Description of the task - In the records below, find the line containing "IC3 = v-reg:LM317TS: VOLTAGE REGULATOR" and restate it and all lines after it exactly, through the last line.
Extracted data Start Marker
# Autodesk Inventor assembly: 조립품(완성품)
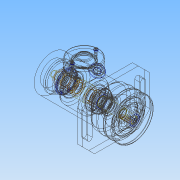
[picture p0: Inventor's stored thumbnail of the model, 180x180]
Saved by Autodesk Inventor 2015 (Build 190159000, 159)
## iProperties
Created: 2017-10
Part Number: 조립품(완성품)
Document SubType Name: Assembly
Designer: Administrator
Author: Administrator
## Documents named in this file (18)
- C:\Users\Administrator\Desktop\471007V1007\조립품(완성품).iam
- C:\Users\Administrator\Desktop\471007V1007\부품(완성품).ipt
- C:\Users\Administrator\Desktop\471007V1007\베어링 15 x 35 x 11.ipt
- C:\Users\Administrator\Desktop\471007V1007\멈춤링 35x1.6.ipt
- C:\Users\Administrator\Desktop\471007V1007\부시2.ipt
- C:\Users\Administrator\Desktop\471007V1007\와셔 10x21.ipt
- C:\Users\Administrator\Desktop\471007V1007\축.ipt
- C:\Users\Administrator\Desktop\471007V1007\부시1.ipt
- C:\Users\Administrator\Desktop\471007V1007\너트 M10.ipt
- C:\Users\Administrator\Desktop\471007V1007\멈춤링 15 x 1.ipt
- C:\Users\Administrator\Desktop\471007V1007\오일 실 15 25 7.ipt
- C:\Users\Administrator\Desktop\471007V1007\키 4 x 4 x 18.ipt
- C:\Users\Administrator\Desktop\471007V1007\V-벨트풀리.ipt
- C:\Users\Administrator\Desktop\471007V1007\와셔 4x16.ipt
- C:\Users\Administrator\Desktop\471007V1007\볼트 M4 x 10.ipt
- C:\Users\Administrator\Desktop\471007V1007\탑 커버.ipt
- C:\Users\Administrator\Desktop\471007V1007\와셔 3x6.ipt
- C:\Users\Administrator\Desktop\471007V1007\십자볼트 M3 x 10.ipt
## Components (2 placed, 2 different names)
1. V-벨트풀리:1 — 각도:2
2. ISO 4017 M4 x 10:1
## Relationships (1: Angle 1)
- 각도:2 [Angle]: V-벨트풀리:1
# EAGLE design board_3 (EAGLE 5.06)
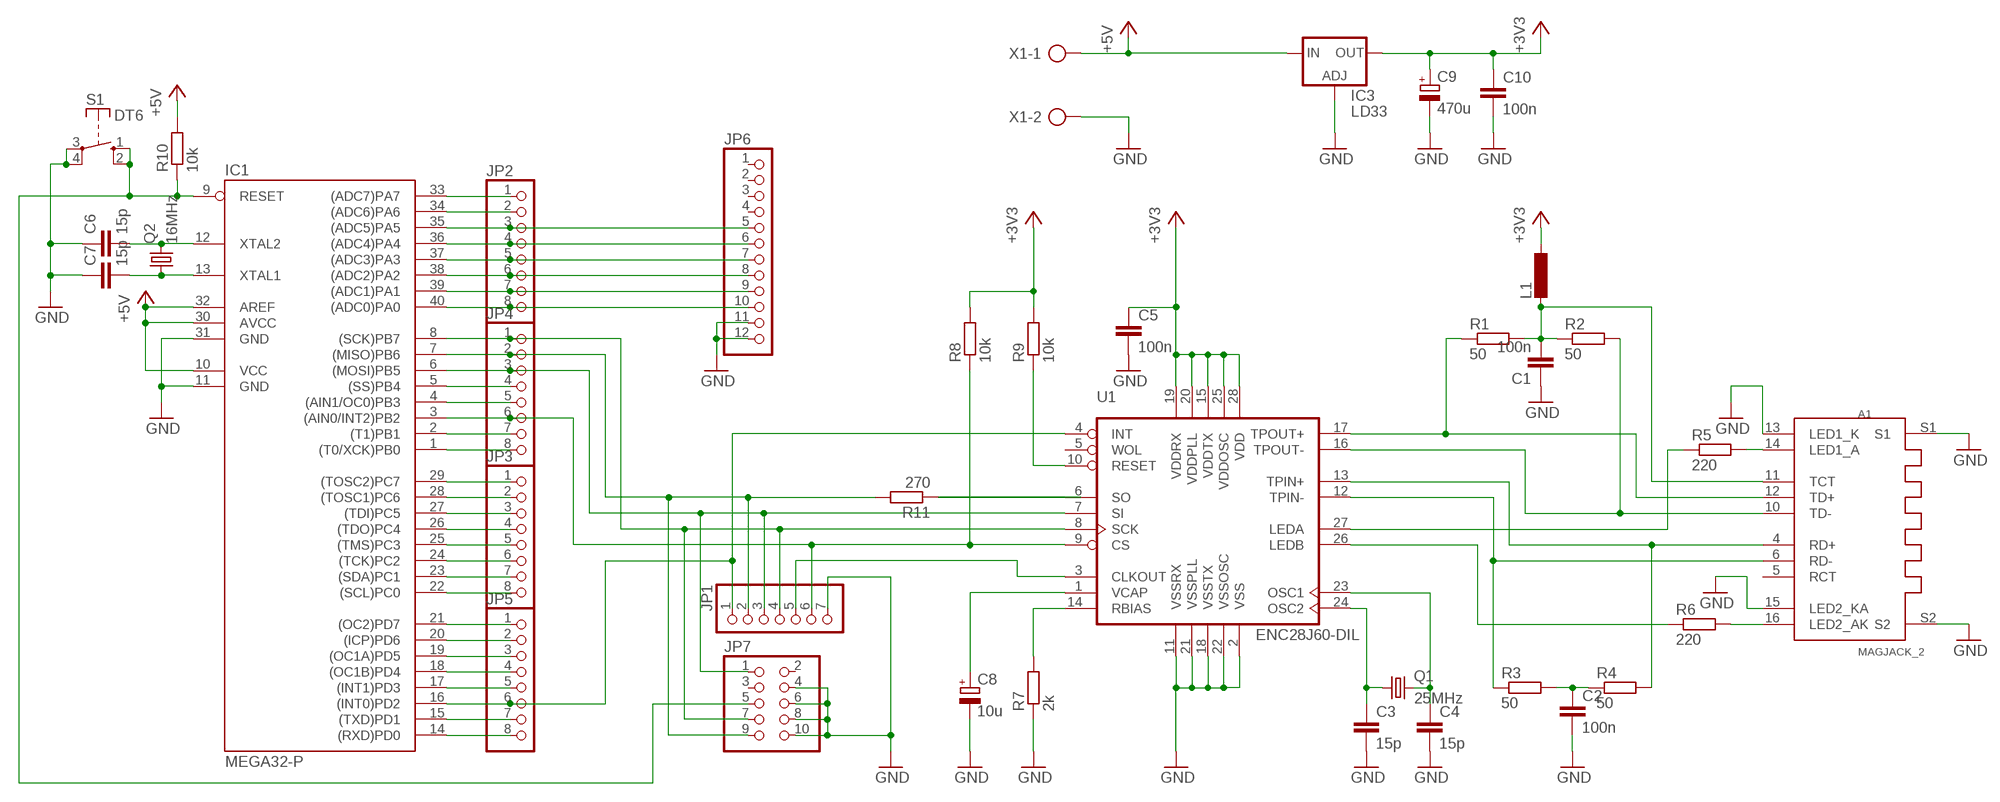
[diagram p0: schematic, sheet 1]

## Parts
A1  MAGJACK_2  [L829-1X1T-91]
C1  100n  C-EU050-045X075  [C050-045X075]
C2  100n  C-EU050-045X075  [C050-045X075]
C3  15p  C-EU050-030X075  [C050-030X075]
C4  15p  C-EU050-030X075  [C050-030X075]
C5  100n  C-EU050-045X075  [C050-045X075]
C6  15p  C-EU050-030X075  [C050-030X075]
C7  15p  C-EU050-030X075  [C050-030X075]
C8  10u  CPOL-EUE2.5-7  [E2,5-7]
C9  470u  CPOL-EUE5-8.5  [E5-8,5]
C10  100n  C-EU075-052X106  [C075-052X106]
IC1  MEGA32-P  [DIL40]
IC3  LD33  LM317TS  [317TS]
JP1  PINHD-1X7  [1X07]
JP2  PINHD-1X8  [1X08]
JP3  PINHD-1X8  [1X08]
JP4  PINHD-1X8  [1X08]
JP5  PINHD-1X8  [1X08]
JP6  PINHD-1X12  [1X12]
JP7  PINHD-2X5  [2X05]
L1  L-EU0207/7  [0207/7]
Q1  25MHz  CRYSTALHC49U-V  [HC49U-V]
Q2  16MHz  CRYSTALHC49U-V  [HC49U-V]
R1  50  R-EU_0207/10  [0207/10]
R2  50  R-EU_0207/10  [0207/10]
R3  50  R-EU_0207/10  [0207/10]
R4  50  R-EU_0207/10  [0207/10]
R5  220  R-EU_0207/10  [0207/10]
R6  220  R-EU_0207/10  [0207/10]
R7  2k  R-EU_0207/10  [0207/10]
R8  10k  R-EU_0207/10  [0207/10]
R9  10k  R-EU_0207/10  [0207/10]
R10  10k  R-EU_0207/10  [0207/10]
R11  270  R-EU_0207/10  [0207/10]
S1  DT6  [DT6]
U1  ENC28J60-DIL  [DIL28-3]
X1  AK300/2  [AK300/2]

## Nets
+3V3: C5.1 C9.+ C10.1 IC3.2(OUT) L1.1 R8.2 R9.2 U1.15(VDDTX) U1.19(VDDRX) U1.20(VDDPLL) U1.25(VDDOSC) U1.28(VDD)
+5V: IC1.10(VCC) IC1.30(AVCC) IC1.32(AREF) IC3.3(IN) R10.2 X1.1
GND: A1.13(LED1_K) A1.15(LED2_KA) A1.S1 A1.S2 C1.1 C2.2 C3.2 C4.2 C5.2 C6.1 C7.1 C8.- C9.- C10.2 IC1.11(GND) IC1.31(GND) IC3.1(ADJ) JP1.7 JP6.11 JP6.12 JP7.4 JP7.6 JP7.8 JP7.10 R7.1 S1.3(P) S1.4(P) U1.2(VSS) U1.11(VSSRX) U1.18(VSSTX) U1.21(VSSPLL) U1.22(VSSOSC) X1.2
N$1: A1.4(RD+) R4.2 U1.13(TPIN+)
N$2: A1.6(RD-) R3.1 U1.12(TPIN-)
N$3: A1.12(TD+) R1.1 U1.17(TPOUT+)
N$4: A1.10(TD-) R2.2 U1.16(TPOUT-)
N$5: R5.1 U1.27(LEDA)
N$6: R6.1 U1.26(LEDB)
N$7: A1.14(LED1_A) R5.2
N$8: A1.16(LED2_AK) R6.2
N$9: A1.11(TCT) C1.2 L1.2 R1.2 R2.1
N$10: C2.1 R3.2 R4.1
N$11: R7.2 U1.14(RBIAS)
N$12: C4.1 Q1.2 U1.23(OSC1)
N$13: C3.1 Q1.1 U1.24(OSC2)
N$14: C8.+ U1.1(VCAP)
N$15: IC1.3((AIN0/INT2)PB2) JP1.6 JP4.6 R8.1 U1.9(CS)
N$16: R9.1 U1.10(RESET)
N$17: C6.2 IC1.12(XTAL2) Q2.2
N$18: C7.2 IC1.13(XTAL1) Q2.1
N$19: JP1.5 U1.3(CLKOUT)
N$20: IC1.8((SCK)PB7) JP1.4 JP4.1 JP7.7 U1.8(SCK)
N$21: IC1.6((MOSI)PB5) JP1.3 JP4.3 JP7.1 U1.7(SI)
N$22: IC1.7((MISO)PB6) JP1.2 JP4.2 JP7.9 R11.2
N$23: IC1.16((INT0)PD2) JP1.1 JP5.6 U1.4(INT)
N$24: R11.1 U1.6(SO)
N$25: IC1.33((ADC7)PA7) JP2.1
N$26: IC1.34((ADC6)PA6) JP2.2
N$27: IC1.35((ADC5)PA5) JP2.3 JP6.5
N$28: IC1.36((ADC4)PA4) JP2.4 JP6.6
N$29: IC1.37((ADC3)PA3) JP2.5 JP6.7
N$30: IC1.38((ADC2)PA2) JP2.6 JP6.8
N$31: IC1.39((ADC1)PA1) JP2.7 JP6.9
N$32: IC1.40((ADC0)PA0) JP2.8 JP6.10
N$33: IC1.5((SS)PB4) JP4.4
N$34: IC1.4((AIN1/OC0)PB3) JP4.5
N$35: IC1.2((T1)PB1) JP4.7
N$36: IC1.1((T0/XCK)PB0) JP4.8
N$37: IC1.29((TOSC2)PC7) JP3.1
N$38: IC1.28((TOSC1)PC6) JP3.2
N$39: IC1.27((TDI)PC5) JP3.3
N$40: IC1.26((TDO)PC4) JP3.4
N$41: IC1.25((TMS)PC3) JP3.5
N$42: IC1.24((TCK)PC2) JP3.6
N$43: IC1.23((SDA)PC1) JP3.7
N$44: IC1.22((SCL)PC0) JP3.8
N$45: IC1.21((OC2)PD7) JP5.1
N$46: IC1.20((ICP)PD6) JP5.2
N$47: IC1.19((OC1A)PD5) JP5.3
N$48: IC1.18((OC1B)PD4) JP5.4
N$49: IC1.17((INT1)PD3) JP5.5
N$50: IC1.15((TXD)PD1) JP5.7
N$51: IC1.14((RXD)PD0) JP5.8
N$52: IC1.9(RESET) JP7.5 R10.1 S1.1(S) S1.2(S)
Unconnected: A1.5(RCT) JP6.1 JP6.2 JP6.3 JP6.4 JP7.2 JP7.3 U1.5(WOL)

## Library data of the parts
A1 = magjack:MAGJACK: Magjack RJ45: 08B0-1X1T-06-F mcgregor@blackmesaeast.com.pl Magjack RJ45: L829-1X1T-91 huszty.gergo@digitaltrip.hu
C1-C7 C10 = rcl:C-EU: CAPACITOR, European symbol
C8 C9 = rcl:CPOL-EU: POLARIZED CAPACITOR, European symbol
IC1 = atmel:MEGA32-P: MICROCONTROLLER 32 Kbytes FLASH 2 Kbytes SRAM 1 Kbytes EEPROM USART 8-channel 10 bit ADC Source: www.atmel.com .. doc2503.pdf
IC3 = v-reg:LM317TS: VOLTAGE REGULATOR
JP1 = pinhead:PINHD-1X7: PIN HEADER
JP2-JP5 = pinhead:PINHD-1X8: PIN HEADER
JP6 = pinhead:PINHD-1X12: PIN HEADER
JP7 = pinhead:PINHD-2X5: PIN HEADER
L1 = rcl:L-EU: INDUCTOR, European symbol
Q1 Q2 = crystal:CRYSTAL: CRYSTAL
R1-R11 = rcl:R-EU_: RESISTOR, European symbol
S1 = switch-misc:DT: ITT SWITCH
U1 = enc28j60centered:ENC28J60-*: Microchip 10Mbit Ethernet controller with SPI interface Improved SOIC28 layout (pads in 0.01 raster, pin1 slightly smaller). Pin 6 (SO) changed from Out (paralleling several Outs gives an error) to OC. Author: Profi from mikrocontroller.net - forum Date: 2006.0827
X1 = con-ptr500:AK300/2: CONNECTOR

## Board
Extracted data End Marker
Written solution -
IC3 = v-reg:LM317TS: VOLTAGE REGULATOR
JP1 = pinhead:PINHD-1X7: PIN HEADER
JP2-JP5 = pinhead:PINHD-1X8: PIN HEADER
JP6 = pinhead:PINHD-1X12: PIN HEADER
JP7 = pinhead:PINHD-2X5: PIN HEADER
L1 = rcl:L-EU: INDUCTOR, European symbol
Q1 Q2 = crystal:CRYSTAL: CRYSTAL
R1-R11 = rcl:R-EU_: RESISTOR, European symbol
S1 = switch-misc:DT: ITT SWITCH
U1 = enc28j60centered:ENC28J60-*: Microchip 10Mbit Ethernet controller with SPI interface Improved SOIC28 layout (pads in 0.01 raster, pin1 slightly smaller). Pin 6 (SO) changed from Out (paralleling several Outs gives an error) to OC. Author: Profi from mikrocontroller.net - forum Date: 2006.0827
X1 = con-ptr500:AK300/2: CONNECTOR

## Board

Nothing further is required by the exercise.